__The problem__: The answer must be every entry, retyped without a single difference.

Segment Open

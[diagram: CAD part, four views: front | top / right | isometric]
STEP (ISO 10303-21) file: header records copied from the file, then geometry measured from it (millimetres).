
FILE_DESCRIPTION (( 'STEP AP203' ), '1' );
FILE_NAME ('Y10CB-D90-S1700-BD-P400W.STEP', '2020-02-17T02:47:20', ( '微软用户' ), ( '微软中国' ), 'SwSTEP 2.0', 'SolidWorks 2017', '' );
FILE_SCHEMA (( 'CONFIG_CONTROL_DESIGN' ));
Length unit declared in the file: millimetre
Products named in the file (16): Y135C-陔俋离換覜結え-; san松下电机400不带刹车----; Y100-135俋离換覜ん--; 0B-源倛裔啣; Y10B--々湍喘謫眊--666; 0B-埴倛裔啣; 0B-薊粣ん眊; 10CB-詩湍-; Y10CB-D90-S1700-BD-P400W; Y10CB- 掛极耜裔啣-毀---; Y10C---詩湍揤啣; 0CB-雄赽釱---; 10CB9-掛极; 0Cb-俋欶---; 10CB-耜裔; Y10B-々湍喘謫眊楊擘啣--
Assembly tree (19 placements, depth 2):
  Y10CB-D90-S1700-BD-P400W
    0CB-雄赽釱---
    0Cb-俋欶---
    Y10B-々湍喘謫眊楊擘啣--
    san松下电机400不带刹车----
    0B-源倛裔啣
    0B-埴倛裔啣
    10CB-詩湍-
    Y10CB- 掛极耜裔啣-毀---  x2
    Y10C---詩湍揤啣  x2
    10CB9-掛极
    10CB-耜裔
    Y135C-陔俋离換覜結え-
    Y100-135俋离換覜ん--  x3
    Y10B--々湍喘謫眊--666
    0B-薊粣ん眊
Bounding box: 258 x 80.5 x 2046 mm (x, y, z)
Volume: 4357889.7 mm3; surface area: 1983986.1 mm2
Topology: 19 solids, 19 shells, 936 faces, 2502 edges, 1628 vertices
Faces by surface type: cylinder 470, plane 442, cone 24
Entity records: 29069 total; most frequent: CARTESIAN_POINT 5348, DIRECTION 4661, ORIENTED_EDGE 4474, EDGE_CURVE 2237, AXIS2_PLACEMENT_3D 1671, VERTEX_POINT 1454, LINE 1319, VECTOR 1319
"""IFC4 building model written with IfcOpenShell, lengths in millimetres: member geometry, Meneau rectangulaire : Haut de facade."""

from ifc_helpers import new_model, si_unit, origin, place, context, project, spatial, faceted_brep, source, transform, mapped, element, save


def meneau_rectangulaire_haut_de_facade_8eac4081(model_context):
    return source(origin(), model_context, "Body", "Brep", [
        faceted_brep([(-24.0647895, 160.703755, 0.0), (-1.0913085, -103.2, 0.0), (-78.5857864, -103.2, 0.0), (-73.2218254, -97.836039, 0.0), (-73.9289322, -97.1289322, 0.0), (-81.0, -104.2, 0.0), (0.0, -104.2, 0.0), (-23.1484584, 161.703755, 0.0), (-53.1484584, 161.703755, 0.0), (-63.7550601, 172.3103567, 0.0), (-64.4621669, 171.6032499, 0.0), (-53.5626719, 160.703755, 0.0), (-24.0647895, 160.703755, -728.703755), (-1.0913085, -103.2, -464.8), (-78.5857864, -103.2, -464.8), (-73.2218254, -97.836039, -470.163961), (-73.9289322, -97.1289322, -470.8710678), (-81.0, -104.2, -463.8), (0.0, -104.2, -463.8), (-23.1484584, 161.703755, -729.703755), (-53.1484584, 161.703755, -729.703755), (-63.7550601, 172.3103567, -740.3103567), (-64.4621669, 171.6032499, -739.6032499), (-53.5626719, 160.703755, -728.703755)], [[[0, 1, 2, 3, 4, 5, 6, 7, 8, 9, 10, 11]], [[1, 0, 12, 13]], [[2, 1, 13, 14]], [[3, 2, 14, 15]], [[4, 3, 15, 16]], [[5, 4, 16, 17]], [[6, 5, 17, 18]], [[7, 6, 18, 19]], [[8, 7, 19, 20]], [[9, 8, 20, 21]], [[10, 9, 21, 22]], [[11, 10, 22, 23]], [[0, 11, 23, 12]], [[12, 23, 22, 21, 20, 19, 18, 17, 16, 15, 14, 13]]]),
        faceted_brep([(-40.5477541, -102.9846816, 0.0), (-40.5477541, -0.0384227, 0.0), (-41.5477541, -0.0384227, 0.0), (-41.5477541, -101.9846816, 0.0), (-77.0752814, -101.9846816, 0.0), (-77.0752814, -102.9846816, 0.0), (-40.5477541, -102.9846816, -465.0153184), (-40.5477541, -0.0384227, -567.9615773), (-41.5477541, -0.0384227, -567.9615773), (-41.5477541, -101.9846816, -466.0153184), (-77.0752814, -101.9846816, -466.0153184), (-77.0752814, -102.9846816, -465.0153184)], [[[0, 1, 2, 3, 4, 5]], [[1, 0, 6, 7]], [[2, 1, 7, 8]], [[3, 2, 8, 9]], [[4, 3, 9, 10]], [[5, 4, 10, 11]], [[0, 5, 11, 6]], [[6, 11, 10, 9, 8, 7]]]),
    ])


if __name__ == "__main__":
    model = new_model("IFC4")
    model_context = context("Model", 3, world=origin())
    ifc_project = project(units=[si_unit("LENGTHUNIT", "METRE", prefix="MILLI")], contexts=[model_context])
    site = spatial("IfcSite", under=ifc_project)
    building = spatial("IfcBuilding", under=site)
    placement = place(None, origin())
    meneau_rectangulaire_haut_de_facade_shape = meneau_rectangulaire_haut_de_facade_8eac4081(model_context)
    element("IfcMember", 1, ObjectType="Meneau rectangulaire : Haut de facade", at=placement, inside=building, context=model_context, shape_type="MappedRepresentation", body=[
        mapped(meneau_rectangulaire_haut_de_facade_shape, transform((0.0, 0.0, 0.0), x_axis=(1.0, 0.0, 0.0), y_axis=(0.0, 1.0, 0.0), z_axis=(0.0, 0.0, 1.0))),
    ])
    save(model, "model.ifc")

Segment Closed

__Solution to this problem__:
[diagram: CAD part, four views: front | top / right | isometric]
STEP (ISO 10303-21) file: header records copied from the file, then geometry measured from it (millimetres).
FILE_DESCRIPTION (( 'STEP AP203' ), '1' );
FILE_NAME ('Y10CB-D90-S1700-BD-P400W.STEP', '2020-02-17T02:47:20', ( '微软用户' ), ( '微软中国' ), 'SwSTEP 2.0', 'SolidWorks 2017', '' );
FILE_SCHEMA (( 'CONFIG_CONTROL_DESIGN' ));
Length unit declared in the file: millimetre
Products named in the file (16): Y135C-陔俋离換覜結え-; san松下电机400不带刹车----; Y100-135俋离換覜ん--; 0B-源倛裔啣; Y10B--々湍喘謫眊--666; 0B-埴倛裔啣; 0B-薊粣ん眊; 10CB-詩湍-; Y10CB-D90-S1700-BD-P400W; Y10CB- 掛极耜裔啣-毀---; Y10C---詩湍揤啣; 0CB-雄赽釱---; 10CB9-掛极; 0Cb-俋欶---; 10CB-耜裔; Y10B-々湍喘謫眊楊擘啣--
Assembly tree (19 placements, depth 2):
  Y10CB-D90-S1700-BD-P400W
    0CB-雄赽釱---
    0Cb-俋欶---
    Y10B-々湍喘謫眊楊擘啣--
    san松下电机400不带刹车----
    0B-源倛裔啣
    0B-埴倛裔啣
    10CB-詩湍-
    Y10CB- 掛极耜裔啣-毀---  x2
    Y10C---詩湍揤啣  x2
    10CB9-掛极
    10CB-耜裔
    Y135C-陔俋离換覜結え-
    Y100-135俋离換覜ん--  x3
    Y10B--々湍喘謫眊--666
    0B-薊粣ん眊
Bounding box: 258 x 80.5 x 2046 mm (x, y, z)
Volume: 4357889.7 mm3; surface area: 1983986.1 mm2
Topology: 19 solids, 19 shells, 936 faces, 2502 edges, 1628 vertices
Faces by surface type: cylinder 470, plane 442, cone 24
Entity records: 29069 total; most frequent: CARTESIAN_POINT 5348, DIRECTION 4661, ORIENTED_EDGE 4474, EDGE_CURVE 2237, AXIS2_PLACEMENT_3D 1671, VERTEX_POINT 1454, LINE 1319, VECTOR 1319
"""IFC4 building model written with IfcOpenShell, lengths in millimetres: member geometry, Meneau rectangulaire : Haut de facade."""

from ifc_helpers import new_model, si_unit, origin, place, context, project, spatial, faceted_brep, source, transform, mapped, element, save


def meneau_rectangulaire_haut_de_facade_8eac4081(model_context):
    return source(origin(), model_context, "Body", "Brep", [
        faceted_brep([(-24.0647895, 160.703755, 0.0), (-1.0913085, -103.2, 0.0), (-78.5857864, -103.2, 0.0), (-73.2218254, -97.836039, 0.0), (-73.9289322, -97.1289322, 0.0), (-81.0, -104.2, 0.0), (0.0, -104.2, 0.0), (-23.1484584, 161.703755, 0.0), (-53.1484584, 161.703755, 0.0), (-63.7550601, 172.3103567, 0.0), (-64.4621669, 171.6032499, 0.0), (-53.5626719, 160.703755, 0.0), (-24.0647895, 160.703755, -728.703755), (-1.0913085, -103.2, -464.8), (-78.5857864, -103.2, -464.8), (-73.2218254, -97.836039, -470.163961), (-73.9289322, -97.1289322, -470.8710678), (-81.0, -104.2, -463.8), (0.0, -104.2, -463.8), (-23.1484584, 161.703755, -729.703755), (-53.1484584, 161.703755, -729.703755), (-63.7550601, 172.3103567, -740.3103567), (-64.4621669, 171.6032499, -739.6032499), (-53.5626719, 160.703755, -728.703755)], [[[0, 1, 2, 3, 4, 5, 6, 7, 8, 9, 10, 11]], [[1, 0, 12, 13]], [[2, 1, 13, 14]], [[3, 2, 14, 15]], [[4, 3, 15, 16]], [[5, 4, 16, 17]], [[6, 5, 17, 18]], [[7, 6, 18, 19]], [[8, 7, 19, 20]], [[9, 8, 20, 21]], [[10, 9, 21, 22]], [[11, 10, 22, 23]], [[0, 11, 23, 12]], [[12, 23, 22, 21, 20, 19, 18, 17, 16, 15, 14, 13]]]),
        faceted_brep([(-40.5477541, -102.9846816, 0.0), (-40.5477541, -0.0384227, 0.0), (-41.5477541, -0.0384227, 0.0), (-41.5477541, -101.9846816, 0.0), (-77.0752814, -101.9846816, 0.0), (-77.0752814, -102.9846816, 0.0), (-40.5477541, -102.9846816, -465.0153184), (-40.5477541, -0.0384227, -567.9615773), (-41.5477541, -0.0384227, -567.9615773), (-41.5477541, -101.9846816, -466.0153184), (-77.0752814, -101.9846816, -466.0153184), (-77.0752814, -102.9846816, -465.0153184)], [[[0, 1, 2, 3, 4, 5]], [[1, 0, 6, 7]], [[2, 1, 7, 8]], [[3, 2, 8, 9]], [[4, 3, 9, 10]], [[5, 4, 10, 11]], [[0, 5, 11, 6]], [[6, 11, 10, 9, 8, 7]]]),
    ])


if __name__ == "__main__":
    model = new_model("IFC4")
    model_context = context("Model", 3, world=origin())
    ifc_project = project(units=[si_unit("LENGTHUNIT", "METRE", prefix="MILLI")], contexts=[model_context])
    site = spatial("IfcSite", under=ifc_project)
    building = spatial("IfcBuilding", under=site)
    placement = place(None, origin())
    meneau_rectangulaire_haut_de_facade_shape = meneau_rectangulaire_haut_de_facade_8eac4081(model_context)
    element("IfcMember", 1, ObjectType="Meneau rectangulaire : Haut de facade", at=placement, inside=building, context=model_context, shape_type="MappedRepresentation", body=[
        mapped(meneau_rectangulaire_haut_de_facade_shape, transform((0.0, 0.0, 0.0), x_axis=(1.0, 0.0, 0.0), y_axis=(0.0, 1.0, 0.0), z_axis=(0.0, 0.0, 1.0))),
    ])
    save(model, "model.ifc")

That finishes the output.